Most of what was on my PC was backed up onto either my USB stick or my External Hard Drive. Only some photos from the last couple of weeks, some of my newer music and some random jottings would be lost. One thing that I'm grateful isn't is my PhD proposal which has been saved purely by virtue of the fact I recently e-mailed it to some members of staff and can extract it from the sent e-mail still in my hotmail account.

One of the things that HAS been lost (though maybe it can yet be saved) is a story I was working on.
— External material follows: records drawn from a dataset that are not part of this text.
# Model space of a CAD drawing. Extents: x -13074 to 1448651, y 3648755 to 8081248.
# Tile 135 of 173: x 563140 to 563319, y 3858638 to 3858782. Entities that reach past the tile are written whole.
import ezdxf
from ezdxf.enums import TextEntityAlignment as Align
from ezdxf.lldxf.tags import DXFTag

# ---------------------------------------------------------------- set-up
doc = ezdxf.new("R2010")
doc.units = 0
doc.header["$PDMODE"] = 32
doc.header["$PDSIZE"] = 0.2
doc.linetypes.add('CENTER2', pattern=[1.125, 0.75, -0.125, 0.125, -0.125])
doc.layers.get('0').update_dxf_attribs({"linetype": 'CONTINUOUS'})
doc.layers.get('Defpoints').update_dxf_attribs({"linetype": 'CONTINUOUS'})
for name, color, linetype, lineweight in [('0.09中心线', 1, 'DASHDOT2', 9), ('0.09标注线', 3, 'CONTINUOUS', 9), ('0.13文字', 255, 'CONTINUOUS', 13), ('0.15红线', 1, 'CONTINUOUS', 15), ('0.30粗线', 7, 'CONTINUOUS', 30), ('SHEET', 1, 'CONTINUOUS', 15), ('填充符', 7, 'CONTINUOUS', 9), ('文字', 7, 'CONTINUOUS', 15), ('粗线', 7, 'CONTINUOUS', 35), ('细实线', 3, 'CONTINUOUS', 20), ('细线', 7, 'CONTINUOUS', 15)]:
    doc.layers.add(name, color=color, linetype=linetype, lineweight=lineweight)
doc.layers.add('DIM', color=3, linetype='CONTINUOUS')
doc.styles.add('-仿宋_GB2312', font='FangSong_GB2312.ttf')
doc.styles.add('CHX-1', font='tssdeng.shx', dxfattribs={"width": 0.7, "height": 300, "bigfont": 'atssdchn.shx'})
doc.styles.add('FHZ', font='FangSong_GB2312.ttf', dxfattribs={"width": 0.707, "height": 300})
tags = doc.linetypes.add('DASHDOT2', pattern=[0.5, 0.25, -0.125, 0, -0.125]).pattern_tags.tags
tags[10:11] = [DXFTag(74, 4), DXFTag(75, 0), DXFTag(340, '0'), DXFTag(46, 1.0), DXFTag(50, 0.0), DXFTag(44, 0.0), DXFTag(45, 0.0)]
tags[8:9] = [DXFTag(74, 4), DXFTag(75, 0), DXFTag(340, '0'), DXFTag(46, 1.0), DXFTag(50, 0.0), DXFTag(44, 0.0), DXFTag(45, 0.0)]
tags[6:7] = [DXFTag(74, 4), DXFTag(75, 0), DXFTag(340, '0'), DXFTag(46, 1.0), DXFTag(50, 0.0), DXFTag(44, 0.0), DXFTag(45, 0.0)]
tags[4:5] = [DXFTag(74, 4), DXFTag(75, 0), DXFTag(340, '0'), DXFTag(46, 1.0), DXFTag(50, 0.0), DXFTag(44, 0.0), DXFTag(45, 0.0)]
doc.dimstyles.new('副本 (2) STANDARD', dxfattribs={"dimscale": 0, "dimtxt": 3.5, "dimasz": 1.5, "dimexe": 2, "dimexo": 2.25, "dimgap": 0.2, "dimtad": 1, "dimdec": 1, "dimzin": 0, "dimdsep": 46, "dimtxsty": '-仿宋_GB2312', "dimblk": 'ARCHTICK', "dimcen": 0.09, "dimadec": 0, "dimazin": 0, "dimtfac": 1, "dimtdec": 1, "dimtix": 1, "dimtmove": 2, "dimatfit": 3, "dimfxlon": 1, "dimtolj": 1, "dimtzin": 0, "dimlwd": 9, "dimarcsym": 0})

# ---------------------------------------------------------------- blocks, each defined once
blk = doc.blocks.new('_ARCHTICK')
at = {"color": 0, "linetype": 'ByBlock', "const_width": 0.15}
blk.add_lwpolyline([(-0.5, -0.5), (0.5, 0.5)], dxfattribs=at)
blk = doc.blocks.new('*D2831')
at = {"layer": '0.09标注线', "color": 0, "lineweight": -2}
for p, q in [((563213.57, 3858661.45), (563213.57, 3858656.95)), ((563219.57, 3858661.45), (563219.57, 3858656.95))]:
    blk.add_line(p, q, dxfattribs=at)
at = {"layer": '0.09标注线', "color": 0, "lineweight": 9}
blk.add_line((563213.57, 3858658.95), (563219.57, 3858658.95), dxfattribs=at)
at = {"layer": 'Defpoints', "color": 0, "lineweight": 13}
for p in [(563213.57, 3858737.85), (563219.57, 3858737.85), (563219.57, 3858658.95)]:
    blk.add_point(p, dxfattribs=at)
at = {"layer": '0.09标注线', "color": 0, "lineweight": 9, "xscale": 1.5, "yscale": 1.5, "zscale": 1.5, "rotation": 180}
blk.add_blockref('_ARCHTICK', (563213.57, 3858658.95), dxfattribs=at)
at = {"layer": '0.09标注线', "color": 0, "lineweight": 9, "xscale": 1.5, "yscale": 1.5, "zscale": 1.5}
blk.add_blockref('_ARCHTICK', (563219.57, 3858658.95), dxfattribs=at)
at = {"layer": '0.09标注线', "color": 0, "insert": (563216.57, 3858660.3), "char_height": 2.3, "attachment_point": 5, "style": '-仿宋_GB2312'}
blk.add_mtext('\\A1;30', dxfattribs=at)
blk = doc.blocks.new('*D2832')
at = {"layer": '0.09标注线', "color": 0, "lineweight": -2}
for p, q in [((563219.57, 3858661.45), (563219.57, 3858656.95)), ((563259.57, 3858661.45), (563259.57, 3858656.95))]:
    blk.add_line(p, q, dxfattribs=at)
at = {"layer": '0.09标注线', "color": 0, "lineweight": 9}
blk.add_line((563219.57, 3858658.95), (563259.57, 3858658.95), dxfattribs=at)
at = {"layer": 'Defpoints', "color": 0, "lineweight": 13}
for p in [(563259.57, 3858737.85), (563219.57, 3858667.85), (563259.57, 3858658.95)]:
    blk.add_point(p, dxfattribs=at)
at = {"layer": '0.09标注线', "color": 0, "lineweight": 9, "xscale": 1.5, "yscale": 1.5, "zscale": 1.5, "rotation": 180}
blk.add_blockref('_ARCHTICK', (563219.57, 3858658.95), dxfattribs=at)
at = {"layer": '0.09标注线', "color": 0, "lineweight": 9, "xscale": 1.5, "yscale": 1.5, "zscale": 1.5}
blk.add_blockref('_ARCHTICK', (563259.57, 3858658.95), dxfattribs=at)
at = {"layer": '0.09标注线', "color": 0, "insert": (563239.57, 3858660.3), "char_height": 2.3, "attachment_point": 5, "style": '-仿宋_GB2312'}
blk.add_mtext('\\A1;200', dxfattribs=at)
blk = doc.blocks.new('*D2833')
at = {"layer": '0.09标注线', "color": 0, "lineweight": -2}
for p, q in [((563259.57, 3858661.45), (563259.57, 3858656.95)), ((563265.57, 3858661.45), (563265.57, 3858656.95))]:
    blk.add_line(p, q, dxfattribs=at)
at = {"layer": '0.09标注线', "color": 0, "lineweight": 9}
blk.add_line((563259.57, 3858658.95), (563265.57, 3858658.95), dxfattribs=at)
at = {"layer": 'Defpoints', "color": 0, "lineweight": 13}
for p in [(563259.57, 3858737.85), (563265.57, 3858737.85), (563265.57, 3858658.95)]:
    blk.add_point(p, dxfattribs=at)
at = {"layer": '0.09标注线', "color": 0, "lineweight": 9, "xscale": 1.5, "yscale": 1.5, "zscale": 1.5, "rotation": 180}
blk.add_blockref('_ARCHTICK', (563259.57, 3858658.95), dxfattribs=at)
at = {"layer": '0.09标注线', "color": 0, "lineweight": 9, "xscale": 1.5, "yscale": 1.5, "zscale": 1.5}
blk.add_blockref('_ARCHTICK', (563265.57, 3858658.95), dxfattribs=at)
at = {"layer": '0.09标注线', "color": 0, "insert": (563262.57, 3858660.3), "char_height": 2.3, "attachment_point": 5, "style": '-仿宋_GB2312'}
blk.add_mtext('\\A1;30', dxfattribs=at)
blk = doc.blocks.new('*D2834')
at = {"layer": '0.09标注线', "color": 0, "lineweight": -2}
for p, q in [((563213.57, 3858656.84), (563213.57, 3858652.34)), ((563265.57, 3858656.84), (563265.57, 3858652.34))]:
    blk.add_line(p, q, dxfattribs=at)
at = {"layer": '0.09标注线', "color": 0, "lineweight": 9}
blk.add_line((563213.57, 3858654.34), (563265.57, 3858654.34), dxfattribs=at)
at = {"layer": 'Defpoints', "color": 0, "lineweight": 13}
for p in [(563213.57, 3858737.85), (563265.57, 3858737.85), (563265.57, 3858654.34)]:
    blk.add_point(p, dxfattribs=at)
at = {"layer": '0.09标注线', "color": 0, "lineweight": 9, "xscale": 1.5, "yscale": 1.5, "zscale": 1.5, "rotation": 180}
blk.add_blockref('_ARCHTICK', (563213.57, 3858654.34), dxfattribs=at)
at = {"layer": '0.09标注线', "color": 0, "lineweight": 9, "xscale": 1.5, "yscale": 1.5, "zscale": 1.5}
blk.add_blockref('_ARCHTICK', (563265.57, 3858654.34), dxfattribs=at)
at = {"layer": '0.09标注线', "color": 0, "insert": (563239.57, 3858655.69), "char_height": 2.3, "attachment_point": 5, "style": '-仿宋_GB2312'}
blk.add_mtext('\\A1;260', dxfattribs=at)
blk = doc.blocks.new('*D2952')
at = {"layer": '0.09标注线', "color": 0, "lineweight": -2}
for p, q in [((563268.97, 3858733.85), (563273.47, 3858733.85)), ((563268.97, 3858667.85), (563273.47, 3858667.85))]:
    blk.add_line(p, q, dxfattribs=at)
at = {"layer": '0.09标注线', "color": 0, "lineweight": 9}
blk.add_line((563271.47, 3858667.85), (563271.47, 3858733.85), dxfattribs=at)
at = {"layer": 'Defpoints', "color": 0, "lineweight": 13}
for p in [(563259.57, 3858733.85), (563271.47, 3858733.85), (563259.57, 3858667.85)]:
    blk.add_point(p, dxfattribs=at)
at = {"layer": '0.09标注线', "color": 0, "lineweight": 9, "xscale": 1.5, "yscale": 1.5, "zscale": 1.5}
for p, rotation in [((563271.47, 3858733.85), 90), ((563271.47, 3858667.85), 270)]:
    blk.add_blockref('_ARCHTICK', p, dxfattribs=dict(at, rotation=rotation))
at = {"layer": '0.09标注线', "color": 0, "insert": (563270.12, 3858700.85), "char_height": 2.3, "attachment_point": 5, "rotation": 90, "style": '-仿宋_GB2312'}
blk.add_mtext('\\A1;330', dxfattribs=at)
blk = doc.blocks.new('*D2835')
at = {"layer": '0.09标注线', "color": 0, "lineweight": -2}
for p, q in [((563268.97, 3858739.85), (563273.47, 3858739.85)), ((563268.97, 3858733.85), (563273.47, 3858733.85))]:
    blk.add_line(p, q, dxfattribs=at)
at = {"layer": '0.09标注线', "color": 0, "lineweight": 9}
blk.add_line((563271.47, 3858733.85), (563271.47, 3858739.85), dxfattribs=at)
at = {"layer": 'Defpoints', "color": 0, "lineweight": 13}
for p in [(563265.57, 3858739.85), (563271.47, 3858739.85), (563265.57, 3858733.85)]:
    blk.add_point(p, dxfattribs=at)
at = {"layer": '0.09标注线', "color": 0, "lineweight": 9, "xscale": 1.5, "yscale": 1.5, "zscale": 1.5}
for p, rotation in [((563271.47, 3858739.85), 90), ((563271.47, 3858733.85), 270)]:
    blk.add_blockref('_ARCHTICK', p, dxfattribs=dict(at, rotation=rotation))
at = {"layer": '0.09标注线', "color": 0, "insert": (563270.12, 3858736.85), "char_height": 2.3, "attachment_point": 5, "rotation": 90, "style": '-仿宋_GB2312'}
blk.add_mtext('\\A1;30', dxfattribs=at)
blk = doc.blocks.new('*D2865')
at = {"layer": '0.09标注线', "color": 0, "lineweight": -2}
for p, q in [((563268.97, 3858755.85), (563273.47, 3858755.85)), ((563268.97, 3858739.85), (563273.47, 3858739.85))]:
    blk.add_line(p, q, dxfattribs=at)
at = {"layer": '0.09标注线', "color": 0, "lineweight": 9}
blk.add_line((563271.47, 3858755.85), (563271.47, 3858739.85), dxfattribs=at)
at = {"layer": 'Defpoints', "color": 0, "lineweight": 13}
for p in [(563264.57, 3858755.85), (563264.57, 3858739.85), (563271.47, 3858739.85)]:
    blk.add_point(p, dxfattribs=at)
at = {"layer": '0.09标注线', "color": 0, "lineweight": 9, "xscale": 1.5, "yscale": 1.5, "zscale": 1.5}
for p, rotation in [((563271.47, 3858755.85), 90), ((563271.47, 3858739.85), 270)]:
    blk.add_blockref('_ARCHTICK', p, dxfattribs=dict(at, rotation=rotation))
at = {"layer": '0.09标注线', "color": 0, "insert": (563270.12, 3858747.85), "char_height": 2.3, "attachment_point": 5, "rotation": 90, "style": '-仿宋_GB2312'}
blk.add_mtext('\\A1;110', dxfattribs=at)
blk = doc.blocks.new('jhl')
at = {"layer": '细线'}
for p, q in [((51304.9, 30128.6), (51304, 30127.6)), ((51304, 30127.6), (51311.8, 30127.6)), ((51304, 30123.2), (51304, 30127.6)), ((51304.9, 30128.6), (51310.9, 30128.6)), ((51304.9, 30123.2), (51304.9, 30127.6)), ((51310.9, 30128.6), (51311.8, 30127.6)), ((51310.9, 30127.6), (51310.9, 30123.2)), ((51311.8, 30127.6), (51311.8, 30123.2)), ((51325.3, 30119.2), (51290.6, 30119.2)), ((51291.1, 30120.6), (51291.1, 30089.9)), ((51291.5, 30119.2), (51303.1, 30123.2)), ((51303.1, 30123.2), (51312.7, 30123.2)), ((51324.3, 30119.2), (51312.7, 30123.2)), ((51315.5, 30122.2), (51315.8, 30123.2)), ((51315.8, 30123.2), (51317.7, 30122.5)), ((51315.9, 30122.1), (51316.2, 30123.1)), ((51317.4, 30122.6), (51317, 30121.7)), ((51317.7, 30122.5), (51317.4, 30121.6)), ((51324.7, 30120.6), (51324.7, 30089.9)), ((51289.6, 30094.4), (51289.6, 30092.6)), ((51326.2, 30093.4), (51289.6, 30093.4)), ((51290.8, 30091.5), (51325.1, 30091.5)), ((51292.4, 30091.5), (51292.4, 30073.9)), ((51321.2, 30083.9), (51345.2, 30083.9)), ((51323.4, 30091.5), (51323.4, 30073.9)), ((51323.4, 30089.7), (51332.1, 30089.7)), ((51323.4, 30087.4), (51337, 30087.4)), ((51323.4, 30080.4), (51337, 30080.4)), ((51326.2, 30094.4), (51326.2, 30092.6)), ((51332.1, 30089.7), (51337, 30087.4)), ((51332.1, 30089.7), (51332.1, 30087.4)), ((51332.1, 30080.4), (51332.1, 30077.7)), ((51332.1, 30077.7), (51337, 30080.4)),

This is particularly annoying as I'd written some 5,000 words of it and it was the first creative project I've embarked on in some time that I honestly believed had legs. (Most of my creative projects fizzle out after the initial boom, I either get bored, realise it's rubbish or forget about it).

I'm going to start again because I think it was genuinely a good concept for a short novella and would like to take a stab at writing it in full - something I've not attempted in earnest since I shelved my dystopian science fiction epic XY which I began writing in Year 11 and reached some 50,000 words before realising most of it was tripe and I'd come back to the good bits when I knew a little bit more about literature.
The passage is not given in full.